3 Responses to ““Enlightenment Rabies” 1977”

  1. Eric James Parfitt Says:

    Hello Mr Rucker. Thank you for being so inspirational to me all the time. You’ve responded to my weird emails to you in the past which was super helpful.

    I had a weird idea, what if the universe could select for its own evolution?

    -Eric

  2. Joe Martinez Says:

    Hi Rudy,

    I’ve been a fan of yours since reading Software in college circa 2011. I’ve read Nested Scrolls and All the Visions. You’ve been somewhat of a hero of mine. Like you, I used to drink to be creative, be cool, have fun, etc. Something that’s been on my mind that I really want to ask you is: How do you manage to stay punk, stay hip and stay high these days?

    Best,
    Joe

  3. Rudy Says:

    Thanks, Joe, glad to have been a good influence. Staying punk comes naturally, it’s a personality quirk based on utter and complete rejection of the plastic status-quo. Hip is trickier if it involves being up to date on what’s happening socially and in the arts. The most I can hope for is to be hip on the subject of those (inreasingly tiny) niche areas that obsess me. Chaos, rad SF, transrealism, surreal art, etc. Staying high, ah, there’s the tricky one. Here my angle is assume that I’m always high, unless some external hassle like the news or a leafblower or a personal conflict is bringing me down. My touchstone is to cast about for gnarly chaotic things in my surroundings. The way that leaves and branches move in air currents is always a buzz-generator, how they never repeat, and yet are somewhat regular, wandering about on the higher dimenaional chaotic attractor.

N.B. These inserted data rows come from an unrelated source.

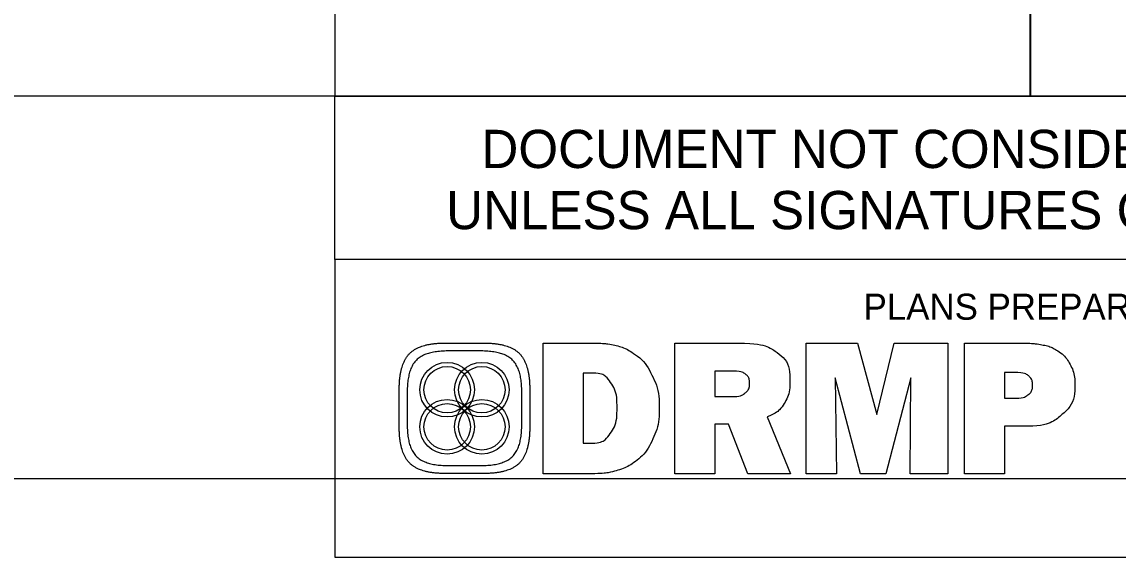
# Model space of a CAD drawing. Extents: x 573076.3 to 573113.7, y -55253.8 to -55199.3.
# Drawn here: x 573106.612 to 573109.767, y -55203.877 to -55202.337 of the extents above; entities that cross this region are included whole.
import ezdxf

# ---------------------------------------------------------------- set-up
doc = ezdxf.new("R2010")
doc.units = 0
for name, color, linetype in [('Pattern 1', 7, 'Continuous'), ('Pattern 2', 7, 'Continuous'), ('Pattern 3', 7, 'Continuous'), ('Scratch_Level_1', 7, 'Continuous'), ('Sheet Plan CELL', 7, 'Continuous'), ('Sheet Sticker Exception Certification CELL', 7, 'Continuous')]:
    doc.layers.add(name, color=color, linetype=linetype)

msp = doc.modelspace()

# ---------------------------------------------------------------- linework, layer by layer
at = {"layer": 'Pattern 1'}
for p, q in [((573107.8314, -55203.2607), (573107.9403, -55203.2607)), ((573108.8689, -55203.6369), (573108.8689, -55203.261)), ((573108.8689, -55203.261), (573109.0168, -55203.261)), ((573109.0168, -55203.261), (573109.073, -55203.4663)), ((573109.073, -55203.4663), (573109.1227, -55203.261)), ((573109.1227, -55203.261), (573109.2771, -55203.261)), ((573109.2771, -55203.261), (573109.2771, -55203.6369)), ((573107.9336, -55203.2836), (573107.8381, -55203.2836)), ((573109.026, -55203.6369), (573108.9528, -55203.3613)), ((573108.9528, -55203.3613), (573108.9568, -55203.6369)), ((573109.1705, -55203.3613), (573109.0989, -55203.6369)), ((573109.1687, -55203.6369), (573109.1705, -55203.3613)), ((573107.6981, -55203.5029), (573107.6981, -55203.394)), ((573108.0737, -55203.394), (573108.0737, -55203.5029)), ((573107.7211, -55203.4006), (573107.7211, -55203.4962)), ((573108.0507, -55203.4962), (573108.0507, -55203.4006)), ((573107.8381, -55203.6133), (573107.9336, -55203.6133)), ((573107.9403, -55203.6363), (573107.8314, -55203.6363)), ((573108.9568, -55203.6369), (573108.8689, -55203.6369)), ((573109.0989, -55203.6369), (573109.026, -55203.6369)), ((573109.2771, -55203.6369), (573109.1687, -55203.6369))]:
    msp.add_line(p, q, dxfattribs=at)
for points in [[(573108.252, -55203.6369), (573108.1124, -55203.6369), (573108.1124, -55203.261), (573108.257, -55203.261)], [(573108.7568, -55203.4727), (573108.8245, -55203.6369), (573108.701, -55203.6369), (573108.6452, -55203.4944), (573108.6059, -55203.4944), (573108.6059, -55203.6369), (573108.4915, -55203.6369), (573108.4915, -55203.261), (573108.6751, -55203.261)], [(573109.5069, -55203.4999), (573109.4402, -55203.4999), (573109.4402, -55203.6369), (573109.325, -55203.6369), (573109.325, -55203.261), (573109.4852, -55203.261)], [(573108.257, -55203.3474), (573108.2276, -55203.3474), (573108.2276, -55203.549), (573108.2536, -55203.549)], [(573108.659, -55203.3413), (573108.6059, -55203.3413), (573108.6059, -55203.4147), (573108.6606, -55203.4147)], [(573109.478, -55203.346), (573109.4402, -55203.346), (573109.4402, -55203.4197), (573109.4711, -55203.4197)]]:
    msp.add_lwpolyline(points, dxfattribs=at)
for points, degree in [([(573107.6981, -55203.394), (573107.6981, -55203.3206), (573107.7581, -55203.2607), (573107.8314, -55203.2607)], 2), ([(573107.9403, -55203.2607), (573108.0137, -55203.2607), (573108.0737, -55203.3206), (573108.0737, -55203.394)], 2), ([(573108.257, -55203.261), (573108.2798, -55203.261), (573108.3002, -55203.2631), (573108.3182, -55203.2671), (573108.3362, -55203.2712), (573108.3519, -55203.2774), (573108.3653, -55203.2859), (573108.391, -55203.3021), (573108.411, -55203.3245), (573108.4252, -55203.3529), (573108.4394, -55203.3814), (573108.4465, -55203.4134), (573108.4465, -55203.4488), (573108.4465, -55203.4802), (573108.4403, -55203.5096), (573108.4277, -55203.5369), (573108.4152, -55203.5642), (573108.3982, -55203.586), (573108.3766, -55203.6022), (573108.3606, -55203.614), (573108.3425, -55203.6228), (573108.3223, -55203.6284), (573108.3021, -55203.6341), (573108.2786, -55203.6369), (573108.252, -55203.6369)], 3), ([(573108.6751, -55203.261), (573108.7243, -55203.261), (573108.7612, -55203.2702), (573108.7857, -55203.2884), (573108.8102, -55203.3067), (573108.8224, -55203.3341), (573108.8224, -55203.3708), (573108.8224, -55203.3962), (573108.8168, -55203.4176), (573108.8056, -55203.4351), (573108.7944, -55203.4526), (573108.7782, -55203.4651), (573108.7568, -55203.4727)], 3), ([(573109.4852, -55203.261), (573109.5102, -55203.261), (573109.531, -55203.2626), (573109.5475, -55203.2657), (573109.564, -55203.2687), (573109.5777, -55203.2736), (573109.5886, -55203.2803), (573109.6063, -55203.2915), (573109.6196, -55203.3055), (573109.6287, -55203.3224), (573109.6378, -55203.3393), (573109.6423, -55203.3586), (573109.6423, -55203.3801), (573109.6423, -55203.4159), (573109.6299, -55203.4448), (573109.605, -55203.4669), (573109.5802, -55203.4889), (573109.5475, -55203.4999), (573109.5069, -55203.4999)], 3), ([(573107.8381, -55203.2836), (573107.7737, -55203.2836), (573107.7211, -55203.3363), (573107.7211, -55203.4006)], 2), ([(573108.0507, -55203.4006), (573108.0507, -55203.3363), (573107.998, -55203.2836), (573107.9336, -55203.2836)], 2), ([(573108.2536, -55203.549), (573108.2751, -55203.549), (573108.2924, -55203.5398), (573108.3054, -55203.5212), (573108.3184, -55203.5027), (573108.3249, -55203.478), (573108.3249, -55203.4472), (573108.3249, -55203.4166), (573108.3187, -55203.3924), (573108.3064, -55203.3744), (573108.2942, -55203.3564), (573108.2777, -55203.3474), (573108.257, -55203.3474)], 3), ([(573108.6606, -55203.4147), (573108.674, -55203.4147), (573108.6849, -55203.4113), (573108.6934, -55203.4044), (573108.7018, -55203.3975), (573108.7061, -55203.3887), (573108.7061, -55203.378), (573108.7061, -55203.3657), (573108.7021, -55203.3564), (573108.6943, -55203.3504), (573108.6864, -55203.3443), (573108.6747, -55203.3413), (573108.659, -55203.3413)], 3), ([(573109.4711, -55203.4197), (573109.4867, -55203.4197), (573109.4988, -55203.4165), (573109.5074, -55203.4099), (573109.5161, -55203.4034), (573109.5204, -55203.3943), (573109.5204, -55203.3827), (573109.5204, -55203.3709), (573109.5168, -55203.3618), (573109.5095, -55203.3555), (573109.5023, -55203.3491), (573109.4918, -55203.346), (573109.478, -55203.346)], 3), ([(573107.8314, -55203.6363), (573107.7581, -55203.6363), (573107.6981, -55203.5762), (573107.6981, -55203.5029)], 2), ([(573107.7211, -55203.4962), (573107.7211, -55203.5606), (573107.7737, -55203.6133), (573107.8381, -55203.6133)], 2), ([(573107.9336, -55203.6133), (573107.998, -55203.6133), (573108.0507, -55203.5606), (573108.0507, -55203.4962)], 2), ([(573108.0737, -55203.5029), (573108.0737, -55203.5762), (573108.0137, -55203.6363), (573107.9403, -55203.6363)], 2)]:
    msp.add_open_spline(points, degree=degree, dxfattribs=at)
at = {"layer": 'Pattern 2'}
for centre, radius in [((573107.8359, -55203.3951), 0.0785), ((573107.8359, -55203.3951), 0.0668), ((573107.9358, -55203.3951), 0.0785), ((573107.9358, -55203.3951), 0.0668), ((573107.8359, -55203.5018), 0.0785), ((573107.9358, -55203.5018), 0.0785), ((573107.8359, -55203.5018), 0.0668), ((573107.9358, -55203.5018), 0.0668)]:
    msp.add_circle(centre, radius, dxfattribs=at)
at = {"layer": 'Pattern 3'}
msp.add_lwpolyline([(573107.5132, -55203.8768), (573111.5139, -55203.8768), (573111.5139, -55203.0202), (573107.5132, -55203.0202)], close=True, dxfattribs=at)
at = {"layer": 'Scratch_Level_1'}
for p, q in [((573111.5139, -55202.5502), (573076.2547, -55202.5502)), ((573082.5142, -55203.6502), (573112.708, -55203.6502))]:
    msp.add_line(p, q, dxfattribs=at)
at = {"layer": 'Sheet Plan CELL'}
msp.add_line((573109.5142, -55200.3002), (573109.5144, -55202.5494), dxfattribs=at)
for points in [[(573109.5142, -55200.3002), (573107.5132, -55200.3002), (573107.5132, -55202.5502), (573109.5142, -55202.5502)], [(573109.5142, -55200.3002), (573111.5142, -55200.3002), (573111.5142, -55202.5502), (573109.5142, -55202.5502)]]:
    msp.add_lwpolyline(points, close=True, dxfattribs=at)
at = {"layer": 'Sheet Sticker Exception Certification CELL'}
for p, q in [((573107.5132, -55203.0202), (573107.5132, -55202.5502)), ((573107.5132, -55202.5502), (573111.5139, -55202.5502)), ((573111.5139, -55203.0202), (573107.5132, -55203.0202))]:
    msp.add_line(p, q, dxfattribs=at)

# ---------------------------------------------------------------- texts
at = {"layer": 'Pattern 2'}
msp.add_text('PLANS PREPARED BY:', height=0.074995, rotation=360, dxfattribs=at).set_placement((573109.0345, -55203.1937))
at = {"layer": 'Sheet Sticker Exception Certification CELL'}
for s, p in [('DOCUMENT NOT CONSIDERED FINAL', (573107.9346, -55202.7571)), ('UNLESS ALL SIGNATURES COMPLETED', (573107.8332, -55202.9331))]:
    msp.add_text(s, height=0.11, dxfattribs=at).set_placement(p)

doc.saveas('drawing.dxf')

Ocean waves and clouds and the endless variety of human faces — even more inspiring; the gnarl, the oddness. Also useful to keep in mimd that its a miracle that anything exists at all. Or to think in terms of the massive CG crunch that goes into lights and shadows and highlights in the visual field. The freewheeling synch of external sounds with my thoughts and the things I see. Compared to these things, the news-media problems are so tiny. The endless roar of reality’s crashing wave. You don’t have to GET high. You can BE high. All the time. And spinning out happy-talk like this…well, it gets me higher. The air like clear jelly. The vibrations and overtones of voices. The predictable yet ever-fresh progress of time. Yah mon!